WHAT TO WORK ON:
Write out, word for word, each line from the start of the entries through the one holding "msp.add_line(p, q, dxfattribs=at)"; omit the pictures.

[TASK INPUT]

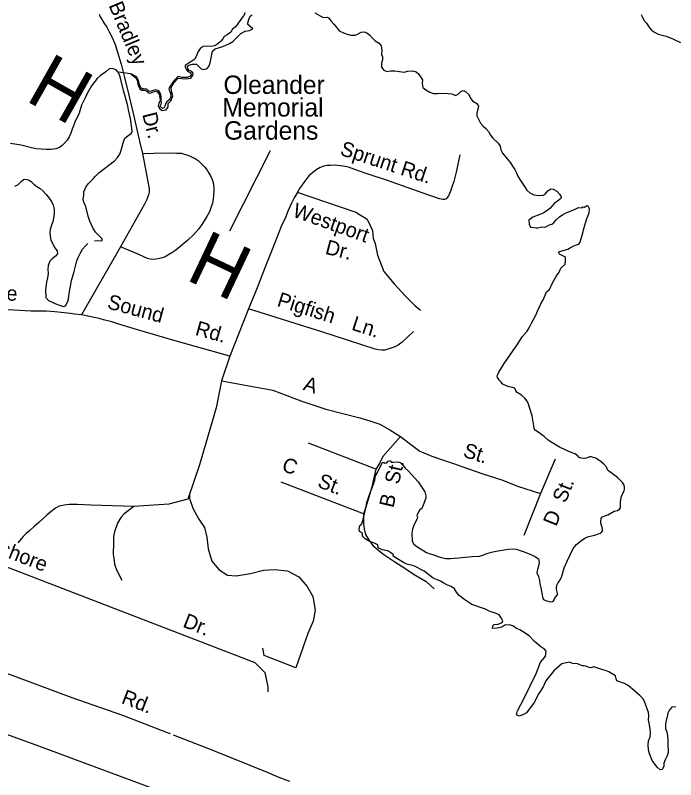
# Model space of a CAD drawing. Extents: x 1945482 to 2853149, y 66427 to 1015778.
# Drawn here: x 2352907 to 2355850, y 165984 to 169389 of the extents above; entities that cross this region are included whole.
import ezdxf

# ---------------------------------------------------------------- set-up
doc = ezdxf.new("R2010")
doc.units = 0
for name, color, linetype in [('Old_Level_10', 7, 'Continuous'), ('Old_Level_22', 7, 'Continuous'), ('Old_Level_35', 7, 'Continuous'), ('Old_Level_60', 7, 'Continuous')]:
    doc.layers.add(name, color=color, linetype=linetype)

msp = doc.modelspace()

# ---------------------------------------------------------------- linework, layer by layer
at = {"layer": 'Old_Level_22'}
msp.add_lwpolyline([(2354042.6, 168785.4), (2353861.4, 168427.5)], dxfattribs=at)
at = {"layer": 'Old_Level_35'}
for p, q in [((2353375.3, 168357.6), (2353201.2, 168054.7)), ((2353862.9, 167870.5), (2353825, 167761.2)), ((2354514.2, 167367.1), (2354213.3, 167482.8)), ((2355312.1, 167411.8), (2355247.9, 167258.2)), ((2355247.9, 167258.2), (2355172.6, 167071.1))]:
    msp.add_line(p, q, dxfattribs=at)
for points in [[(2353280.4, 169394.3), (2353284.8, 169382.3), (2353293.2, 169368.5), (2353302, 169355.1), (2353314.5, 169335.6), (2353325.5, 169316), (2353338.3, 169290.6), (2353351.7, 169258.9), (2353362.9, 169225.2), (2353379.1, 169172), (2353393.6, 169112.6), (2353412.5, 169033.2), (2353434, 168946.1), (2353460.6, 168829), (2353473, 168773.7)], [(2353473, 168773.7), (2353522.8, 168775.7), (2353598.9, 168776.4), (2353626.9, 168775.5), (2353646.9, 168774.4), (2353659.2, 168770.9), (2353675.5, 168765.6), (2353685.5, 168762.1), (2353697.9, 168756.3), (2353707.9, 168750.8), (2353722.4, 168741.6), (2353736.7, 168728), (2353751.5, 168712.5), (2353762.2, 168698.8), (2353768.5, 168689.2), (2353777, 168673.5), (2353783.8, 168657.7), (2353788.3, 168644.1), (2353791.1, 168622.2), (2353791.7, 168608.1), (2353790.7, 168584.1), (2353785.7, 168551.7), (2353776.8, 168527.4), (2353771.5, 168513.1), (2353760.1, 168493), (2353741.3, 168462), (2353724.3, 168437.4), (2353701.4, 168410.6), (2353676.4, 168387.6), (2353649.4, 168364.5), (2353622, 168343.4), (2353604.4, 168330.6), (2353586.8, 168320), (2353575.3, 168313.3), (2353563.3, 168308.9), (2353541.5, 168304.1), (2353525.5, 168301.5), (2353509.7, 168302.9), (2353495.5, 168306.2), (2353483.1, 168311.6), (2353456.7, 168322.8), (2353375.3, 168357.6)], [(2353473, 168773.7), (2353490.8, 168680.2), (2353503.2, 168616.7), (2353503.7, 168604.6), (2353503.8, 168600.6), (2353500.3, 168588.7), (2353491.1, 168566.3), (2353481.9, 168547.9), (2353375.3, 168357.6)], [(2354887.8, 168767.7), (2354870.9, 168690.9), (2354860.4, 168648.4), (2354850.4, 168618.8), (2354846, 168605.9), (2354837, 168585.5), (2354827.4, 168571), (2354819.6, 168568.7), (2354811.7, 168568.4), (2354797.5, 168571.8), (2354720.2, 168598.9), (2354566.1, 168652.9), (2354479, 168681.3), (2354436.4, 168695.7), (2354391.8, 168711.9), (2354367.7, 168716.9), (2354341.3, 168719.8), (2354327.5, 168721.2), (2354311.4, 168720.6), (2354297.3, 168720), (2354281.7, 168717.4), (2354265.8, 168710.9), (2354248.2, 168700.4), (2354230.7, 168687.5), (2354217, 168674.8), (2354199.8, 168654.1), (2354184.9, 168633.5), (2354173.4, 168617.3), (2354162.3, 168598.8), (2354149.1, 168576.3), (2354137.9, 168551.9), (2354123.4, 168519.2), (2354110.5, 168488.8), (2354092.1, 168448), (2354061.1, 168368.7), (2354024.6, 168279.3), (2353984.7, 168175.6), (2353946.4, 168081.9), (2353901.1, 167968.1), (2353862.9, 167870.5)], [(2354163.5, 168600.8), (2354424.1, 168512.5), (2354474.8, 168481.3), (2354498.2, 168430.6), (2354502.1, 168395.5), (2354509.9, 168372.1), (2354521.6, 168321.3), (2354548.9, 168247.2), (2354595.7, 168192.6), (2354646.3, 168138), (2354689.2, 168095.1), (2354712.6, 168075.6)], [(2353862.9, 167870.5), (2353619.9, 167939), (2353451.9, 167988.4), (2353368.9, 168013), (2353336.6, 168023.9), (2353300.2, 168032.3), (2353279.9, 168037.8), (2353257.8, 168042.8), (2353237.5, 168047.9), (2353201.2, 168054.7), (2353171.2, 168057.4), (2353153, 168060.6), (2353110.8, 168064.9), (2353082.8, 168067.7), (2353064.7, 168069.3), (2353044.6, 168070.4), (2352976.6, 168071.7), (2352848.4, 168078.4)], [(2354680.7, 167981), (2354630.8, 167933), (2354613.2, 167920.2), (2354597.5, 167911.7), (2354571.9, 167902.8), (2354554, 167897.8), (2354539.9, 167897.3), (2354526.1, 167899), (2354509.9, 167902.3), (2354272.8, 167978.9), (2353946.4, 168081.9)], [(2353825, 167761.2), (2353801.3, 167640.1), (2353728.1, 167386.6), (2353675.5, 167233.1)], [(2353825, 167761.2), (2354053.9, 167718.9), (2354179.4, 167671.4), (2354291, 167635.1), (2354366.3, 167615.6), (2354441.7, 167596), (2354486.7, 167582.4), (2354530.9, 167568.1), (2354575.6, 167543), (2354623, 167512.3)], [(2354623, 167512.3), (2354578.4, 167462), (2354544.9, 167422.9), (2354530.9, 167395), (2354514.2, 167367.1), (2354494.7, 167283.3), (2354477.9, 167227.5), (2354466.8, 167194), (2354458.8, 167167.5)], [(2354623, 167512.3), (2354667.6, 167478.8), (2354709.5, 167448.1), (2354762.5, 167425.7), (2354809.9, 167409), (2354860.1, 167392.2), (2354921.5, 167369.9), (2354994.1, 167344.8), (2355075, 167319.6), (2355144.7, 167291.7), (2355247.9, 167258.2)], [(2354458.8, 167167.5), (2354091.1, 167309.2)], [(2353683.1, 167254.2), (2353683.2, 167237.1), (2353698.6, 167194.1), (2353724.1, 167143.9), (2353749.5, 167106.7), (2353760.6, 167063.8), (2353766.9, 167012.9), (2353782.5, 166958.1), (2353814.6, 166919.2), (2353852.7, 166895.3), (2353890.8, 166892.1), (2353954.3, 166901.7), (2354013.1, 166917.6), (2354062.3, 166920.7), (2354119.5, 166914.4), (2354170.3, 166887.4), (2354206.8, 166844.5), (2354232.2, 166800), (2354243.3, 166739.6), (2354233.8, 166690.3), (2354210, 166634.7), (2354189.3, 166575.9), (2354156.5, 166482.1)], [(2353434.9, 167200.4), (2353244.8, 167207.5), (2353184.7, 167209.1), (2353146.9, 167209.5), (2353124.7, 167206.7), (2353102.9, 167201.9), (2353085.5, 167193), (2353066.1, 167178.4), (2353046.7, 167161.6), (2353031.2, 167146.9), (2353011.9, 167130), (2352990.6, 167111.4), (2352971.3, 167094.6), (2352955.8, 167079.9), (2352942.1, 167067.5), (2352917.9, 167038.6)], [(2353675.5, 167233.1), (2353591.1, 167210.7), (2353434.9, 167200.4)], [(2353434.9, 167200.4), (2353392.5, 167167.8), (2353376.8, 167151.3), (2353361.8, 167126.4), (2353356.1, 167109.3), (2353350.9, 167094.4), (2353346.1, 167075), (2353344.9, 167060.7), (2353344.2, 167042.2), (2353344, 167023), (2353342.6, 167003), (2353343.3, 166988.1), (2353346.4, 166969.3), (2353346.8, 166959.5), (2353349.4, 166943.5), (2353356.1, 166923.7), (2353362.6, 166909.9), (2353381.2, 166872)], [(2354458.8, 167167.5), (2354458.4, 167143.7), (2354458.4, 167124.2), (2354461.2, 167101.8), (2354466.8, 167076.7), (2354483.5, 167048.8), (2354500.2, 167026.5), (2354544.9, 166990.2), (2354597.9, 166953.9), (2354642.5, 166925.9), (2354684.4, 166898), (2354737.4, 166867.3), (2354773.7, 166833.8)], [(2352206.7, 166694.6), (2352263.7, 166828.2), (2352297, 166900.4), (2352338.6, 166964.3), (2352391.4, 167006), (2352452.5, 167019.9), (2352530.2, 167014.3), (2352655.2, 167000.4), (2352774.6, 166967.1), (2353974.1, 166505.9), (2354018.5, 166461.4), (2354032.4, 166397.5), (2354032.4, 166375.3)], [(2353598.4, 166187.9), (2353585, 166193.1), (2353386.1, 166269.3), (2353160.7, 166348.3), (2352908.9, 166442.4), (2352750.7, 166500.1), (2352564, 166564.6), (2352206.7, 166694.6), (2351847.3, 166826.4)], [(2351702.3, 166647.1), (2352243.1, 166411.9), (2352998.3, 166138.4)], [(2354156.5, 166482.1), (2354015.8, 166536.4), (2354010.2, 166569.8)], [(2354129.9, 165976.4), (2354101.6, 165985.5), (2354075, 165996.2), (2354030.2, 166016.4), (2353953.1, 166047.5), (2353784.4, 166114.7), (2353612.5, 166182.3)], [(2352998.3, 166138.4), (2353646.7, 165899.3)]]:
    msp.add_lwpolyline(points, dxfattribs=at)
at = {"layer": 'Old_Level_60'}
msp.add_line((2353421.2, 169128.7), (2353365.5, 169136.1), dxfattribs=at)
for points in [[(2353930.5, 169400.7), (2353923.5, 169386.2), (2353888, 169337.5), (2353874.2, 169326.7), (2353866.7, 169313.3), (2353851.5, 169302.1), (2353838, 169295.4), (2353831.2, 169284.1), (2353821.5, 169272.1), (2353809.5, 169262.4), (2353795.5, 169253.5), (2353777, 169250.3), (2353760.7, 169251.5), (2353744.2, 169250.6), (2353731, 169241.7), (2353721.5, 169228), (2353714.5, 169210.7), (2353706.5, 169194.1), (2353693.7, 169185.2), (2353677, 169175.1), (2353664.5, 169164.8), (2353663.7, 169158.8), (2353668.5, 169149.2), (2353673.5, 169140.3), (2353688.2, 169133.1), (2353691.2, 169125.1), (2353688.2, 169117.9), (2353672, 169112.1), (2353650.5, 169112.8), (2353634.2, 169117.2), (2353627.5, 169112.8), (2353616.7, 169099.9), (2353608.2, 169091.2), (2353601.2, 169079), (2353593.5, 169069.6), (2353591.2, 169059.5), (2353599, 169042.9), (2353599.7, 169029.2), (2353596.7, 169019.1), (2353590.5, 169011.2), (2353582, 169004), (2353577.5, 168998.2), (2353574.2, 168988.1), (2353569.7, 168977.3), (2353563.5, 168974.4), (2353552.7, 168984.5), (2353558.2, 168996.7), (2353556.7, 169011.9), (2353557.5, 169027), (2353554.2, 169041.5), (2353546, 169052.3), (2353532, 169057.3), (2353520.5, 169054.4), (2353512.7, 169051.6), (2353503.5, 169050.1), (2353493.5, 169059.5), (2353478.2, 169061.7), (2353472, 169060.9), (2353466.7, 169066), (2353460.5, 169080.4), (2353456, 169098.4), (2353447.5, 169115), (2353421.2, 169128.7), (2353444.2, 169110), (2353450.5, 169099.9), (2353452.7, 169082.6), (2353455.2, 169075.3), (2353461.2, 169060.9), (2353469.7, 169055.9), (2353486.7, 169055.9), (2353495.2, 169049.4), (2353501.2, 169043.6), (2353508.2, 169042.2), (2353522, 169048.7), (2353531.2, 169050.8), (2353539, 169047.9), (2353547.5, 169037.8), (2353550.5, 169022), (2353552, 169009.7), (2353546, 168996.7), (2353544.2, 168983.8), (2353550.5, 168972.9), (2353561.2, 168965), (2353579, 168968.6), (2353588.2, 168981.6), (2353588.2, 168996), (2353601.2, 169009.7), (2353608.2, 169029.9), (2353604.2, 169046.5), (2353601.2, 169062.4), (2353602.7, 169071), (2353615, 169090.5), (2353632.7, 169108.5), (2353665.7, 169105.6), (2353689.7, 169109.2), (2353697.5, 169120.8), (2353699.7, 169130.2), (2353694.2, 169138.1)], [(2353694.2, 169138.1), (2353681.2, 169142.8), (2353675.7, 169150.1), (2353674.2, 169162.1), (2353680.7, 169167.3), (2353696, 169171.1), (2353714, 169171.2), (2353735.2, 169150), (2353747.2, 169147.2), (2353761.7, 169151.5), (2353770, 169161.6), (2353775.2, 169177.2), (2353785.2, 169229.8), (2353798.2, 169240), (2353831.2, 169249.8), (2353861.7, 169263.9), (2353876, 169272.1), (2353888.2, 169283.6), (2353899.5, 169296.7), (2353912, 169308.8), (2353930.7, 169317.8), (2353950, 169321.8), (2353966, 169328.2), (2353943.5, 169348.1), (2353942.7, 169356.1), (2353947.2, 169370.5), (2353953.2, 169385.3), (2353961.7, 169391.5)], [(2354242.2, 169399.8), (2354278.5, 169380.1), (2354296.2, 169380.5), (2354302, 169377.8), (2354313.7, 169362.4), (2354326.5, 169349.7), (2354336.5, 169337.6), (2354350, 169319.6), (2354369, 169310.6), (2354385.7, 169304.4), (2354402.2, 169300.8)], [(2355695.2, 169392.9), (2355701, 169383.6), (2355708, 169366.9), (2355719.2, 169353.7), (2355730.5, 169337.8), (2355742.5, 169323.5), (2355755.5, 169314.5), (2355772.2, 169305.5), (2355789.5, 169300.2), (2355807.5, 169295.8), (2355839.7, 169282.6), (2355870.5, 169268)], [(2354402.2, 169300.8), (2354421.2, 169301), (2354435, 169307), (2354448.5, 169314.2), (2354461.7, 169315.8), (2354473, 169311.4), (2354484.7, 169301.6), (2354497, 169288.7), (2354511, 169275.7), (2354528, 169264.6), (2354537.5, 169253.5), (2354540, 169232.7), (2354538.5, 169213.8), (2354543, 169204.6), (2354543.2, 169191.3), (2354538.5, 169175.2), (2354538.2, 169158), (2354549.5, 169144.6), (2354563, 169139.5), (2354578.7, 169141.4), (2354597.5, 169142), (2354640, 169136.5), (2354656, 169140.2), (2354677.7, 169142.2), (2354692.7, 169137.5), (2354704.2, 169128.5), (2354722, 169102.2), (2354720.7, 169085), (2354722.7, 169067.5), (2354736.5, 169056.4), (2354753.5, 169047), (2354771, 169041.2), (2354788, 169040.7), (2354818.5, 169042.4), (2354835.7, 169041.4), (2354851.7, 169038.8), (2354869, 169032), (2354880, 169037.9), (2354891.7, 169049.5), (2354902.5, 169054.4), (2354914, 169048.4), (2354927.7, 169036.3), (2354937.2, 169016.8), (2354946.2, 169006.8), (2354964, 168995.8), (2354971.5, 168984.5), (2354963, 168953.3), (2354963.7, 168940.6), (2354979.5, 168908.8), (2354991.7, 168895.7), (2355004, 168885), (2355015, 168871.5), (2355024, 168854.6), (2355034.2, 168841.7), (2355058, 168820.2), (2355067.2, 168806.8), (2355071.2, 168789.4), (2355077.5, 168774.6), (2355113.5, 168732.3), (2355123.2, 168717.6), (2355133, 168702.3), (2355140.7, 168688), (2355146.7, 168673.1), (2355154.7, 168657.4), (2355163.5, 168643.8), (2355176.5, 168626), (2355186.7, 168609.6), (2355200, 168598.5), (2355217.5, 168589), (2355239.7, 168586.8), (2355259.5, 168587.3), (2355268, 168592.5), (2355280.5, 168607.3), (2355293.5, 168616.7), (2355304.2, 168614.9), (2355320, 168605.2), (2355331.7, 168592.1), (2355339, 168580.9), (2355337.2, 168572.8), (2355322.5, 168561.1), (2355309.7, 168552.9), (2355289.5, 168527.8), (2355276, 168517.6), (2355259.7, 168508), (2355245, 168501.4), (2355213.2, 168489.2), (2355196, 168476.6), (2355197.5, 168459.4), (2355203.2, 168445.4), (2355219, 168444.4), (2355228.2, 168441.6), (2355236, 168441.9), (2355252.7, 168446.6), (2355265.2, 168444.6), (2355270.7, 168446.5), (2355287, 168455.6), (2355302.5, 168459.8), (2355319.2, 168479.6), (2355332.7, 168491.7), (2355346.5, 168501.8)], [(2353260, 168384.3), (2353276.5, 168385.4), (2353292, 168384.1), (2353294.8, 168385.9), (2353292.5, 168394.3), (2353278.3, 168409.9), (2353264.3, 168423.3), (2353253.3, 168439.3), (2353238.8, 168471.5), (2353232.8, 168489.7), (2353219.5, 168542.5), (2353211.8, 168555.7), (2353208.8, 168570.5), (2353211.8, 168586.5), (2353212.5, 168602), (2353221.3, 168623.2), (2353231, 168638.8), (2353253.5, 168661.2), (2353263.8, 168672.5), (2353279.3, 168687.6), (2353348.3, 168740.1), (2353362.3, 168755.2), (2353372.5, 168771.1), (2353378.5, 168788.3), (2353388.5, 168825.6), (2353395.5, 168842.3), (2353408.3, 168852.9), (2353422.8, 168862.7), (2353427, 168869.8), (2353426.5, 168886.1), (2353420, 168930), (2353411.5, 168967.6), (2353408.3, 168986.5), (2353389.3, 169054.5), (2353378.8, 169097.7), (2353372.5, 169119.1), (2353365.5, 169136.1), (2353356.3, 169145.9), (2353339, 169151.5), (2353324.8, 169150.4), (2353310, 169137.7), (2353284.5, 169119.2), (2353272, 169107.1), (2353247, 169074.2), (2353227, 169040.4), (2353218, 169022), (2353202.3, 168988.4), (2353191.5, 168953.6), (2353184, 168936.8), (2353173, 168917.1), (2353165.8, 168896.3), (2353159.5, 168882), (2353153.8, 168864.2), (2353146.5, 168847.8), (2353138.5, 168833.4), (2353126.5, 168819.4), (2353115.5, 168808.7), (2353104, 168800.2), (2353087.3, 168794.4), (2353066, 168791.1), (2353044, 168790.8), (2352999.3, 168794.6), (2352978.8, 168798.2), (2352932.3, 168810.5), (2352885, 168818.1)], [(2352905.2, 168628.6), (2352918.5, 168633.3), (2352933.5, 168648.7), (2352943.5, 168657.1), (2352951, 168659.4), (2352966, 168656.1), (2352979.2, 168648), (2352990, 168637.3), (2353002.2, 168626.9), (2353017.2, 168617.1), (2353031, 168605.4), (2353044.5, 168591.4), (2353057.5, 168574.9), (2353068, 168559.9), (2353076.2, 168543.2), (2353080.7, 168524.9), (2353080.7, 168505.7), (2353077, 168485.2), (2353073.5, 168468.9), (2353067.5, 168454.4), (2353062.7, 168435.6), (2353060.7, 168419.7), (2353062, 168403.6), (2353065.5, 168388.2), (2353081, 168355.4), (2353093.2, 168339.3), (2353095.5, 168326.5), (2353086.2, 168315.7), (2353072.5, 168305.5), (2353060.7, 168294.4), (2353053.5, 168273.9), (2353052.2, 168256.9), (2353053, 168239.1), (2353049.7, 168219.6), (2353045.5, 168200.2), (2353041.5, 168166.4), (2353042.2, 168132.7), (2353054.2, 168118.9), (2353087.5, 168103.9), (2353103.7, 168097.5), (2353122, 168091.5), (2353131, 168095.3), (2353139, 168110.5), (2353144, 168124.7), (2353145.7, 168141.4), (2353156.7, 168208.1), (2353167.2, 168241.3), (2353181.5, 168295.7), (2353187, 168310.3), (2353196.5, 168328.6), (2353207, 168346.6), (2353218, 168360.7), (2353230, 168372.3)], [(2355346.5, 168501.8), (2355364.2, 168511.2), (2355399.5, 168524.2), (2355416.2, 168532.4), (2355433, 168531.2), (2355436.5, 168535.2), (2355443.5, 168534.9), (2355453.5, 168542.4), (2355457.7, 168540.3)], [(2355417.7, 168370), (2355423.5, 168378.2), (2355433.7, 168410.1), (2355441.7, 168443.8), (2355452, 168479.1), (2355463.5, 168509.1), (2355466.2, 168526.3), (2355460.2, 168538.9), (2355457.7, 168540.3)], [(2355504, 167078.5), (2355514, 167081.6), (2355516.7, 167084.4), (2355520.7, 167087.4), (2355523, 167092.9), (2355524.2, 167099.7), (2355522.7, 167106.8), (2355516.7, 167126.5), (2355515.5, 167136.1), (2355518.2, 167146.8), (2355520.2, 167152), (2355522.7, 167154.5), (2355546.7, 167164.3), (2355575.2, 167179.8), (2355590.7, 167183), (2355600.2, 167190), (2355603.5, 167195.2), (2355603.5, 167220.5), (2355606.5, 167241.5), (2355611.2, 167254.9), (2355620, 167271), (2355621.5, 167278.8), (2355621.5, 167288.6), (2355618.5, 167299), (2355612.2, 167308.2), (2355602.7, 167318.3), (2355590.2, 167329.9), (2355549.7, 167359.3), (2355546, 167364.8), (2355542.5, 167375), (2355530.2, 167388.8), (2355517.7, 167400.1), (2355494.2, 167415.7), (2355488.2, 167418.1), (2355482.5, 167419.7), (2355474.5, 167422.4), (2355466.7, 167421.5), (2355455.5, 167418.3), (2355445.2, 167414.8), (2355428.5, 167416.6), (2355420, 167419.6), (2355419.5, 167419.7), (2355411.5, 167427.9), (2355400.2, 167435.1), (2355373.2, 167446.3), (2355332.7, 167465.9), (2355298.5, 167485.6), (2355282, 167496.8), (2355264, 167512.2), (2355226.5, 167538.9), (2355223.2, 167541.6), (2355219.7, 167547.7), (2355217, 167559.9), (2355210.2, 167604.8), (2355193.7, 167656.7), (2355187.7, 167670.8), (2355177.2, 167683.4), (2355163, 167696.5), (2355142.7, 167708.6), (2355137.7, 167715.8), (2355133.7, 167725.5), (2355130.7, 167728.4), (2355123.2, 167730.5), (2355101, 167736), (2355080, 167746.5), (2355070.2, 167755.6), (2355064, 167762.7), (2355055.7, 167776.3), (2355054.2, 167782.3), (2355056.5, 167788.4), (2355062, 167800), (2355073.2, 167818.4), (2355085.5, 167837.5), (2355146.7, 167925.2), (2355165, 167957), (2355187.2, 167981.4), (2355197.5, 167996.9), (2355206.5, 168018.2), (2355226.5, 168053), (2355234.5, 168071), (2355241, 168088), (2355249, 168104.1), (2355259.2, 168121.4), (2355268.7, 168142), (2355274, 168157.3), (2355287.7, 168167.1), (2355301.5, 168196.9), (2355318.5, 168228.1), (2355330.5, 168245.1), (2355338, 168262.5), (2355357.7, 168280.8), (2355359.2, 168296.1), (2355358, 168311.7), (2355332, 168324.8), (2355327, 168333.6), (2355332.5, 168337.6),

[/TASK INPUT]

YOUR SOLUTION:
# Model space of a CAD drawing. Extents: x 1945482 to 2853149, y 66427 to 1015778.
# Drawn here: x 2352907 to 2355850, y 165984 to 169389 of the extents above; entities that cross this region are included whole.
import ezdxf

# ---------------------------------------------------------------- set-up
doc = ezdxf.new("R2010")
doc.units = 0
for name, color, linetype in [('Old_Level_10', 7, 'Continuous'), ('Old_Level_22', 7, 'Continuous'), ('Old_Level_35', 7, 'Continuous'), ('Old_Level_60', 7, 'Continuous')]:
    doc.layers.add(name, color=color, linetype=linetype)

msp = doc.modelspace()

# ---------------------------------------------------------------- linework, layer by layer
at = {"layer": 'Old_Level_22'}
msp.add_lwpolyline([(2354042.6, 168785.4), (2353861.4, 168427.5)], dxfattribs=at)
at = {"layer": 'Old_Level_35'}
for p, q in [((2353375.3, 168357.6), (2353201.2, 168054.7)), ((2353862.9, 167870.5), (2353825, 167761.2)), ((2354514.2, 167367.1), (2354213.3, 167482.8)), ((2355312.1, 167411.8), (2355247.9, 167258.2)), ((2355247.9, 167258.2), (2355172.6, 167071.1))]:
    msp.add_line(p, q, dxfattribs=at)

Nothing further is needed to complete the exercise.